Me interesan esos momentos en los que los dibujos salen mal y, en especial, me interesa un tipo de equivocación que da lugar a que la imagen dibujada encoja. Voy a ilustrar esto con una anécdota. Siendo un joven estudiante de arte, antes de dedicarme a la historia, un año gané algún dinero como ayudante de un profesor de dibujo de la Universidad de Chicago. El tema de su clase era el retrato. Al final del semestre, el profesor le pidió a uno de sus alumnos que pegara todos los retratos que había hecho en las paredes de la clase, a fin de compararlos.
Ese estudiante —he olvidado su nombre— no iba a seguir estudiando arte, sino que se estaba preparando para entrar en la facultad de Medicina. Por suerte, en el sistema estadounidense, los estudiantes de medicina o de ciencias suelen hacer alguna asignatura de arte, y esta clase sería la única incursión de aquel estudiante en el mundo del dibujo antes de entregarse a una vida de estetoscopios y quirófanos. Había producido unas obras muy extrañas. Se había pasado el semestre intentando poner la cara del modelo o la modelo en el centro de sus dibujos. Pero por más que lo intentaba no lograba poner la nariz del modelo en el medio de la página. Las hojas de su cuaderno estaban casi vacías, y sus retratos se habían arrugado como cabezas jibarizadas. Sus barbillas descansaban en el margen inferior del papel.
Algunas de las caras que había dibujado ni siquiera estaban centradas, sino que parecía que se habían deslizado hacia una esquina, como si el borde inferior del papel fuera la superficie del océano, y una corriente arrastrara las cabezas, que se hundían lentamente…

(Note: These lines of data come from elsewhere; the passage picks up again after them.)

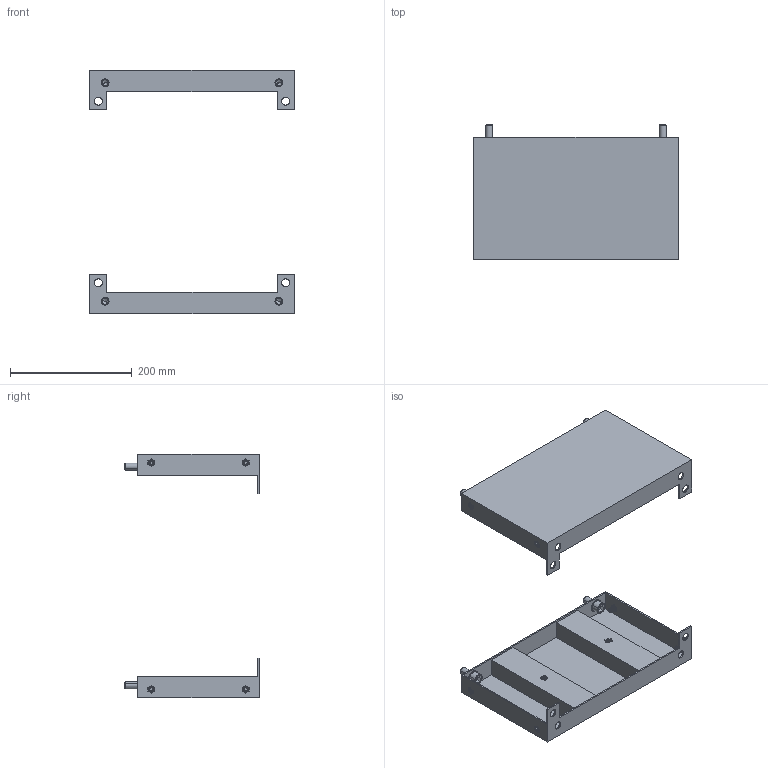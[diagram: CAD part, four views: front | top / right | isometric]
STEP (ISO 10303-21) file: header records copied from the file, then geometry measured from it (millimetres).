
FILE_DESCRIPTION (( 'STEP AP203' ), '1' );
FILE_NAME ('R6PLB40-200 H=400 SIMPLE.STEP', '2026-07-22T11:06:15', ( '' ), ( '' ), 'SwSTEP 2.0', 'SolidWorks 2022', '' );
FILE_SCHEMA (( 'CONFIG_CONTROL_DESIGN' ));
Length unit declared in the file: millimetre
Products named in the file (8): 12 DIN 6798 A Zinc; РГМЦ.RB.3309.00.01.0 simple_-06; РГМЦ.RB.3309.00.02.0 simple_-01; M6 MGS-MPO-0635_thread; R6PLB40-200 H=400 SIMPLE; M12x25 DIN 912 HX cl.8,8 Zinc_stright; РГМЦ.RB.3309.00.00.0 СБ SIMPLE 04-07_-06; M6 MGS-MPO-0635_straight
Assembly tree (19 placements, depth 3):
  R6PLB40-200 H=400 SIMPLE
    РГМЦ.RB.3309.00.00.0 СБ SIMPLE 04-07_-06  x2
      РГМЦ.RB.3309.00.01.0 simple_-06
      M6 MGS-MPO-0635_thread
      РГМЦ.RB.3309.00.02.0 simple_-01
      M6 MGS-MPO-0635_straight
    12 DIN 6798 A Zinc  x4
    M12x25 DIN 912 HX cl.8,8 Zinc_stright  x4
Bounding box: 336.7 x 221.5 x 400 mm (x, y, z)
Volume: 741076.6 mm3; surface area: 606785.8 mm2
Topology: 26 solids, 26 shells, 1468 faces, 3828 edges, 2188 vertices
Faces by surface type: plane 556, cylinder 544, bspline 152, sphere 144, cone 40, torus 32
Entity records: 13372 total; most frequent: CARTESIAN_POINT 5039, ORIENTED_EDGE 1540, DIRECTION 1409, EDGE_CURVE 770, VERTEX_POINT 482, AXIS2_PLACEMENT_3D 473, LINE 463, VECTOR 463

El profesor elogió mucho al alumno, diciéndole que había hecho un trabajo formidable. “Muy expresivo, realmente fantástico, triste, conmovedor, intenso”, le dijo, o algo parecido. Yo no era más que un profesor ayudante, y no le contradije. Pero pensé que allí sucedía algo más. Aquel estudiante no había arrastrado las cabezas al margen de la página a fin de crear un efecto expresivo. Había intentado sinceramente capturar el rostro de los modelos vivos, y él había fracasado casi por completo.
A veces, en el intenso esfuerzo de ver, el objeto que tienes delante empieza a encoger. Haces un armazón de líneas, intentando agarrar los puntos clave, pero el objeto se suelta. (…) En esta situación, cuanto más mires, más lejano e insustancial se torna el objeto; puede incluso que empiece a resbalarse por la página y acabe por desaparecer.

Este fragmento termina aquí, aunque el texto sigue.